(Collection entries)
- - - - -

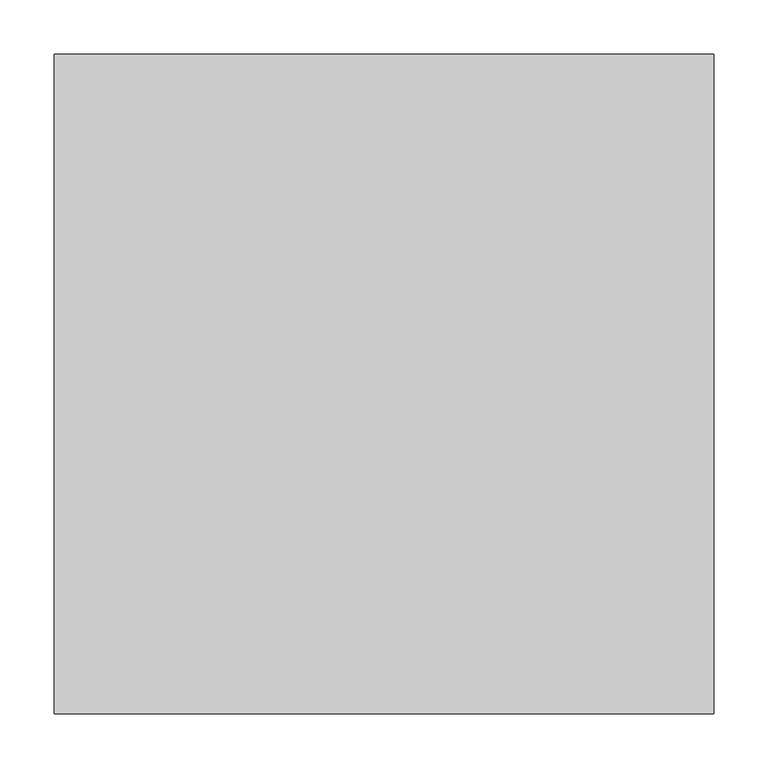
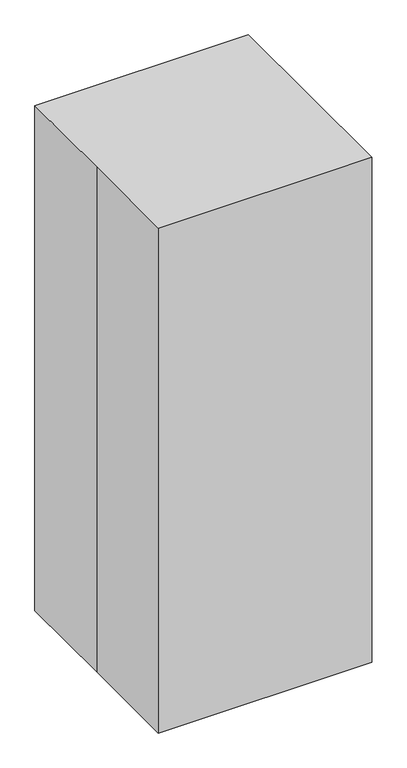
"""IFC4 building model written with IfcOpenShell, lengths in millimetres: proxy geometry, M4116 - Monitor, Vital Signs, On Mobile Stand : M4116 - Monitor, Vital Signs, On Mobile Stand."""

import ifcopenshell
import ifcopenshell.guid

model = None  # the IFC model being written
_history = None  # IfcOwnerHistory: only IFC2X3 demands one
_inside = {}  # id of a spatial element -> (the spatial element, [elements in it])
_under = {}  # id of a project, library or spatial element -> (it, [spatial elements below it])
_declared = {}  # id of a project -> (the project, [libraries it declares])
_typed = {}  # id of a type object -> (the type object, [elements of that type])
_made_of = {}  # id of a material, layer set ... -> (it, [elements and type objects made of it])


def new_model(schema):
    """Start an empty IFC model of exactly this schema.

    Asked for "IFC4X3", IfcOpenShell would pick the latest addendum, in which some entities
    have other attributes; the version numbers below select the first issue.
    IFC2X3 requires an IfcOwnerHistory on every rooted entity: one is made here for all.
    """
    global model, _history
    if schema == "IFC4X3":
        model = ifcopenshell.file(schema_version=(4, 3, 0, 0))
    else:
        model = ifcopenshell.file(schema=schema)
    _inside.clear()
    _under.clear()
    _declared.clear()
    _typed.clear()
    _made_of.clear()
    _history = None
    if model.schema == "IFC2X3":
        org = make("IfcOrganization", Name="unknown")
        user = make(
            "IfcPersonAndOrganization",
            ThePerson=make("IfcPerson", FamilyName="unknown"),
            TheOrganization=org,
        )
        app = make(
            "IfcApplication",
            ApplicationDeveloper=org,
            Version="unknown",
            ApplicationFullName="unknown",
            ApplicationIdentifier="unknown",
        )
        _history = make(
            "IfcOwnerHistory",
            OwningUser=user,
            OwningApplication=app,
            ChangeAction="ADDED",
            CreationDate=0,
        )
    return model


def make(cls, **values):
    """One entity of the class cls with the attributes given. An attribute that is None is left unset."""
    return model.create_entity(
        cls, **{name: value for name, value in values.items() if value is not None}
    )


def rooted(cls, **values):
    """An entity with a GlobalId (a new one), such as an element, a storey or a relation."""
    return make(cls, GlobalId=ifcopenshell.guid.new(), OwnerHistory=_history, **values)


def si_unit(unit_type, name, prefix=None):
    """IfcSIUnit, for example si_unit("LENGTHUNIT", "METRE", prefix="MILLI")."""
    return make("IfcSIUnit", UnitType=unit_type, Prefix=prefix, Name=name)


def assignment(units):
    """IfcUnitAssignment: the units of a project."""
    return None if units is None else make("IfcUnitAssignment", Units=units)


def point(xyz):
    """IfcCartesianPoint."""
    return None if xyz is None else make("IfcCartesianPoint", Coordinates=xyz)


def direction(xyz):
    """IfcDirection."""
    return None if xyz is None else make("IfcDirection", DirectionRatios=xyz)


def frame(location, z_axis=None, x_axis=None):
    """IfcAxis2Placement3D, a coordinate frame: its origin and axes. An axis left out is left unset."""
    return make(
        "IfcAxis2Placement3D",
        Location=point(location),
        Axis=direction(z_axis),
        RefDirection=direction(x_axis),
    )


def frame_2d(location, x_axis=None):
    """IfcAxis2Placement2D, a coordinate frame in the plane: its origin and x axis."""
    return make(
        "IfcAxis2Placement2D", Location=point(location), RefDirection=direction(x_axis)
    )


def origin():
    """The frame at (0, 0, 0) with its axes left unset."""
    return frame((0.0, 0.0, 0.0))


def origin_with_axes():
    """The frame at (0, 0, 0) with the z axis (0, 0, 1) and the x axis (1, 0, 0) written out."""
    return frame((0.0, 0.0, 0.0), z_axis=(0.0, 0.0, 1.0), x_axis=(1.0, 0.0, 0.0))


def origin_2d():
    """The frame at (0, 0) in the plane with its x axis left unset."""
    return frame_2d((0.0, 0.0))


def place(relative_to, where):
    """IfcLocalPlacement: puts the frame where relative to a parent placement (None: the world)."""
    return make(
        "IfcLocalPlacement", PlacementRelTo=relative_to, RelativePlacement=where
    )


def context(
    kind, dimensions, precision=None, world=None, true_north=None, identifier=None
):
    """IfcGeometricRepresentationContext, for example the 3D "Model" context."""
    return make(
        "IfcGeometricRepresentationContext",
        ContextIdentifier=identifier,
        ContextType=kind,
        CoordinateSpaceDimension=dimensions,
        Precision=precision,
        WorldCoordinateSystem=world,
        TrueNorth=true_north,
    )


def project(units=None, contexts=None):
    """IfcProject with its units and contexts."""
    return rooted(
        "IfcProject",
        Name="project",
        RepresentationContexts=contexts,
        UnitsInContext=assignment(units),
    )


def spatial(cls, under=None, at=None, **own):
    """A site, building, storey or space (cls), placed at a placement, below another one or the project."""
    s = rooted(cls, ObjectPlacement=at, **own)
    if under is not None:
        _under.setdefault(under.id(), (under, []))[1].append(s)
    return s


def polyline(points):
    """IfcPolyline through the points."""
    return make("IfcPolyline", Points=[point(p) for p in points])


def circle_curve(where, radius):
    """IfcCircle in the frame where."""
    return make("IfcCircle", Position=where, Radius=radius)


def ellipse_curve(where, semi_axis1, semi_axis2):
    """IfcEllipse in the frame where."""
    return make(
        "IfcEllipse", Position=where, SemiAxis1=semi_axis1, SemiAxis2=semi_axis2
    )


def trimmed(basis, trim1, trim2, sense, master):
    """IfcTrimmedCurve: the piece of a basis curve between two trims."""
    return make(
        "IfcTrimmedCurve",
        BasisCurve=basis,
        Trim1=trim1,
        Trim2=trim2,
        SenseAgreement=sense,
        MasterRepresentation=master,
    )


def segment(curve, same_sense, transition):
    """IfcCompositeCurveSegment."""
    return make(
        "IfcCompositeCurveSegment",
        Transition=transition,
        SameSense=same_sense,
        ParentCurve=curve,
    )


def composite_curve(segments, self_intersect=None):
    """IfcCompositeCurve: segments joined end to end."""
    return make("IfcCompositeCurve", Segments=segments, SelfIntersect=self_intersect)


def outline(outer, holes=None, kind="AREA"):
    """IfcArbitraryClosedProfileDef: a profile drawn as a closed curve; with holes, ...WithVoids."""
    if holes is None:
        return make("IfcArbitraryClosedProfileDef", ProfileType=kind, OuterCurve=outer)
    return make(
        "IfcArbitraryProfileDefWithVoids",
        ProfileType=kind,
        OuterCurve=outer,
        InnerCurves=holes,
    )


def extrude(swept, where, along, depth):
    """IfcExtrudedAreaSolid: the profile swept, set in the frame where, extruded along a direction by depth."""
    return make(
        "IfcExtrudedAreaSolid",
        SweptArea=swept,
        Position=where,
        ExtrudedDirection=direction(along),
        Depth=depth,
    )


def shape(context_of_items, identifier, shape_type, items):
    """IfcShapeRepresentation: the items that make up one representation, for example the "Body"."""
    return make(
        "IfcShapeRepresentation",
        ContextOfItems=context_of_items,
        RepresentationIdentifier=identifier,
        RepresentationType=shape_type,
        Items=items,
    )


def source(mapping_origin, context_of_items, identifier, shape_type, items):
    """IfcRepresentationMap: a shape defined once, which mapped items show again and again."""
    return make(
        "IfcRepresentationMap",
        MappingOrigin=mapping_origin,
        MappedRepresentation=shape(context_of_items, identifier, shape_type, items),
    )


def transform(
    local_origin,
    x_axis=None,
    y_axis=None,
    z_axis=None,
    scale=None,
    scale2=None,
    scale3=None,
    uniform=True,
):
    """IfcCartesianTransformationOperator3D, or its non-uniform kind. x_axis, y_axis, z_axis: its Axis1, 2, 3."""
    if uniform:
        return make(
            "IfcCartesianTransformationOperator3D",
            Axis1=direction(x_axis),
            Axis2=direction(y_axis),
            LocalOrigin=point(local_origin),
            Scale=scale,
            Axis3=direction(z_axis),
        )
    return make(
        "IfcCartesianTransformationOperator3DnonUniform",
        Axis1=direction(x_axis),
        Axis2=direction(y_axis),
        LocalOrigin=point(local_origin),
        Scale=scale,
        Axis3=direction(z_axis),
        Scale2=scale2,
        Scale3=scale3,
    )


def mapped(mapping_source, mapping_target):
    """IfcMappedItem: shows the shape of a source again, moved by a transform."""
    return make(
        "IfcMappedItem", MappingSource=mapping_source, MappingTarget=mapping_target
    )


def made_of(thing, what):
    """Note that an element or type object is made of a material, layer set ...; save() writes the relation."""
    if what is not None:
        _made_of.setdefault(what.id(), (what, []))[1].append(thing)
    return thing


def element(
    cls,
    number,
    at=None,
    inside=None,
    cuts=None,
    type_object=None,
    material=None,
    context=None,
    identifier="Body",
    shape_type=None,
    held_by="IfcProductDefinitionShape",
    body=None,
    shapes=None,
    **own,
):
    """One element of the class cls, such as IfcWall. Its Tag is "e" and its number.

    at: its placement. inside: the storey or other place that contains it. cuts: it is an
    opening in that element (IfcRelVoidsElement). A single representation is given by context,
    identifier, shape_type and body (its items); several are given by shapes. held_by: the class
    of the entity that holds the representations. save() writes the other relations.
    """
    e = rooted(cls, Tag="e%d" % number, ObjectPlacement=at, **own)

- - - - -

_EXERCISE AIM_
Wherever the line holding "of that type])" falls in the entries above, copy exactly from it through the line holding "exactly this schema.", inclusive, and add nothing.

_EXERCISE RESPONSE_
_typed = {}  # id of a type object -> (the type object, [elements of that type])
_made_of = {}  # id of a material, layer set ... -> (it, [elements and type objects made of it])


def new_model(schema):
    """Start an empty IFC model of exactly this schema.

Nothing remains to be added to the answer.